As-is I don’t see how pip could support incremental building without there being pip-specific behavior that a build backend would have to rely on (which we want to avoid). It could be possible with something like the persistent cache directory proposed in Proposal: Adding a persistent cache directory to PEP 517 hooks.

ogrisel · February 9, 2020, 2:28pm

You mean the isolated environment folder create by pip would be created under the persistent cache folder instead of TMPDIR? Why not.

But to clarify the problem does not seem to be that “copying the repository into a temporary directory” (I don’t think it’s the case when running pip install in editable mode).

The root of the problem is that the site-packages folder that holds the build dependencies specified in the pyproject.toml file are reinstalled each time, therefore triggering the mtime-based dependency management system of the cython compiler and therefore preventing incremental building in editable mode.

uranusjr · February 9, 2020, 3:41pm

This is the part I don’t follow.
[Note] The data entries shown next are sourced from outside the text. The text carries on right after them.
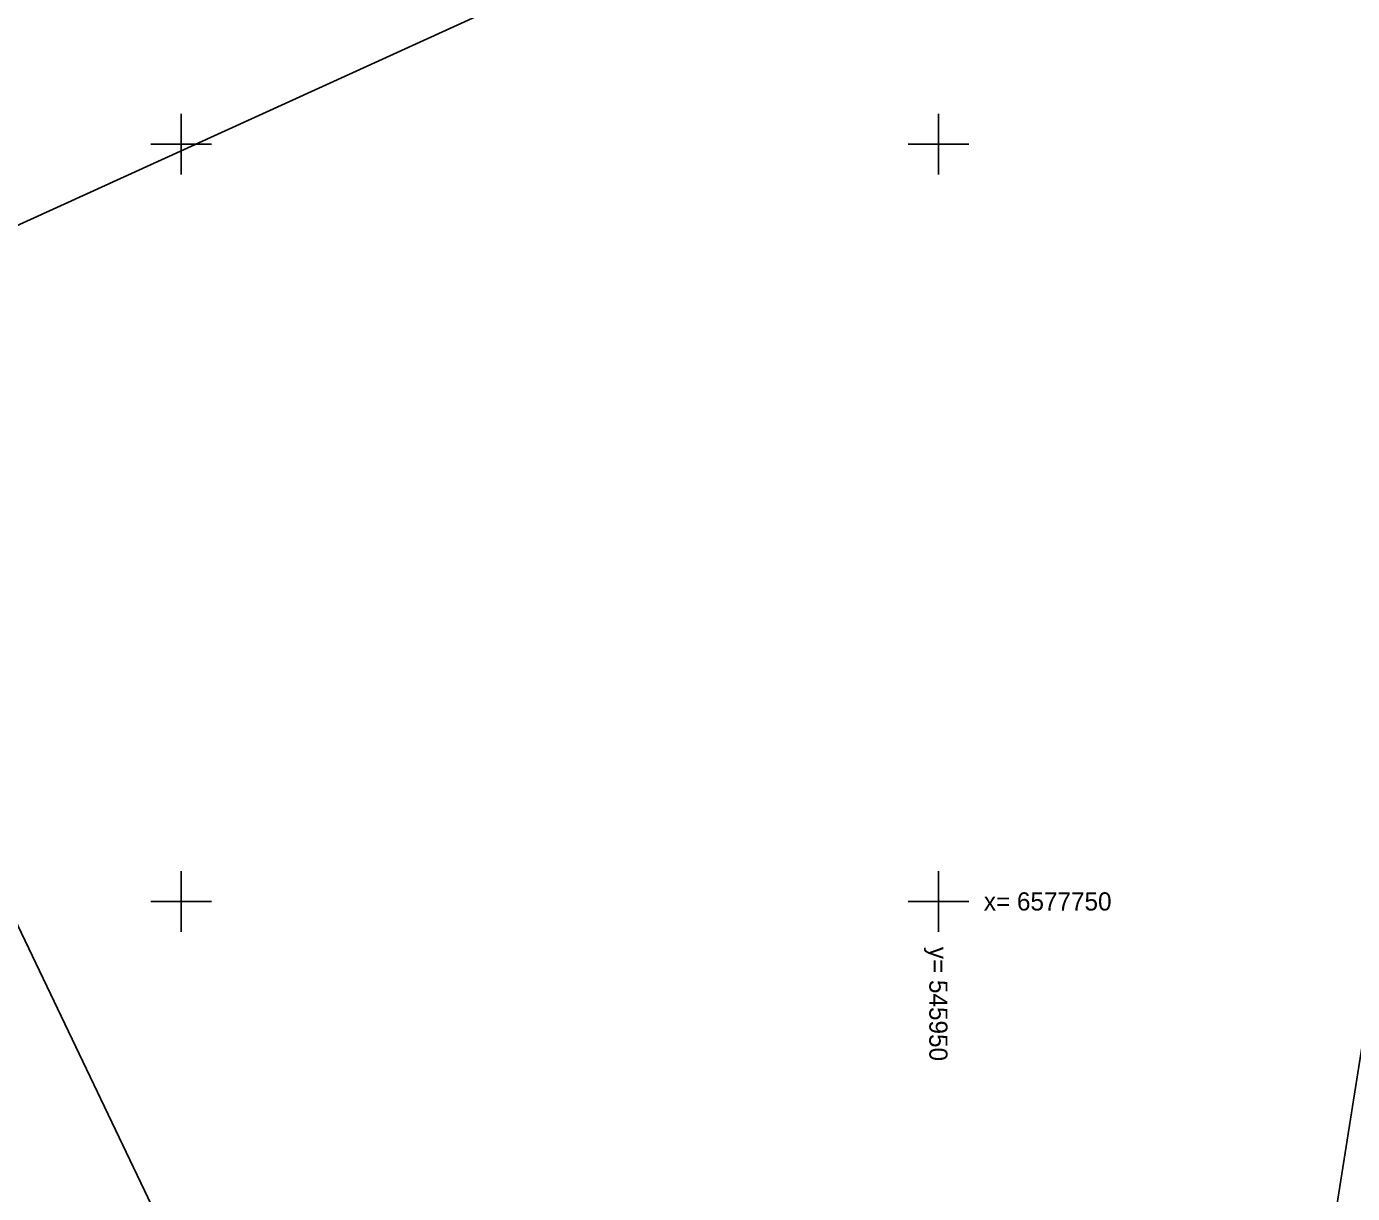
# Model space of a CAD drawing. Extents: x 543497 to 552146, y 6567125 to 6579845.
# Drawn here: x 545889.8 to 545977.3, y 6577730.7 to 6577807.8 of the extents above; entities that cross this region are included whole.
import ezdxf

# ---------------------------------------------------------------- set-up
doc = ezdxf.new("R2010")
doc.units = 0
doc.layers.add('xref_Kangru tee 1_geodeesia$0$PIIR', color=7, linetype='Continuous')
doc.layers.add('xref_Kangru tee 1_geodeesia$0$vork', color=7, linetype='Continuous')

# ---------------------------------------------------------------- blocks, each defined once
blk = doc.blocks.new('xref_Kangru tee 1_geodeesia$0$VKORIS')
for p, q in [((0, 4), (0, -4)), ((-4, 0), (4, 0))]:
    blk.add_line(p, q)

msp = doc.modelspace()

# ---------------------------------------------------------------- linework, layer by layer
at = {"layer": 'xref_Kangru tee 1_geodeesia$0$PIIR'}
for points in [[(545872.69, 6577782.96), (545871.05, 6577786.39), (545874.7, 6577788.05), (545922.19, 6577809.68), (545973.61, 6577832.94), (545956.36, 6577869.23), (545939.5, 6577905.43), (546028.71, 6577946.4), (546081.11, 6577806.12), (545983.53, 6577775.51), (545969.55, 6577687.28), (545921.7, 6577673.29), (545918.84, 6577672.45), (545911.34, 6577697.47), (545909.71, 6577702.91), (545909.43, 6577705.29), (545905.92, 6577713.46), (545874.41, 6577779.36), (545872.69, 6577782.96)], [(545858.78, 6577811.93), (545853.73, 6577822.44), (545857.98, 6577824.38), (545905.15, 6577845.89), (545922.19, 6577809.68), (545874.7, 6577788.05), (545871.05, 6577786.39), (545870.6, 6577787.32), (545858.78, 6577811.93)], [(545858.78, 6577811.93), (545870.6, 6577787.32), (545871.05, 6577786.39), (545872.69, 6577782.96), (545874.41, 6577779.36), (545905.92, 6577713.46), (545909.43, 6577705.29), (545909.71, 6577702.91), (545911.34, 6577697.47), (545918.84, 6577672.45), (545925.88, 6577650.4)], [(545983.53, 6577775.51), (546081.11, 6577806.12), (546096.86, 6577764.18), (546079.41, 6577756.98), (546054.12, 6577754.83), (546055.48, 6577740.79), (546080.65, 6577742.83), (546099.69, 6577747.34), (546110.26, 6577728.46), (545969.55, 6577687.28), (545983.53, 6577775.51)]]:
    msp.add_lwpolyline(points, dxfattribs=at)

# ---------------------------------------------------------------- block references
at = {"layer": 'xref_Kangru tee 1_geodeesia$0$vork', "xscale": 0.5, "yscale": 0.5}
for p in [(545900, 6577800), (545950, 6577800), (545900, 6577750), (545950, 6577750)]:
    msp.add_blockref('xref_Kangru tee 1_geodeesia$0$VKORIS', p, dxfattribs=at)

# ---------------------------------------------------------------- texts
at = {"layer": 'xref_Kangru tee 1_geodeesia$0$vork'}
msp.add_text('x= 6577750', height=1.2, dxfattribs=at).set_placement((545953, 6577749.4))
msp.add_text('y= 545950', height=1.2, rotation=270, dxfattribs=at).set_placement((545949.4, 6577747))

doc.saveas('drawing.dxf')

It seems to me that pip copies metadata from the wheel to the installed files, so their mtime should be the same across each installation. Why would this trigger the mtime detection?

ogrisel · February 9, 2020, 3:48pm

If not sure that srcfile has the right metadata here. Maybe the mtime of srcfile is reset at each call to pip install -e .. I don’t have time to investigate at the moment though.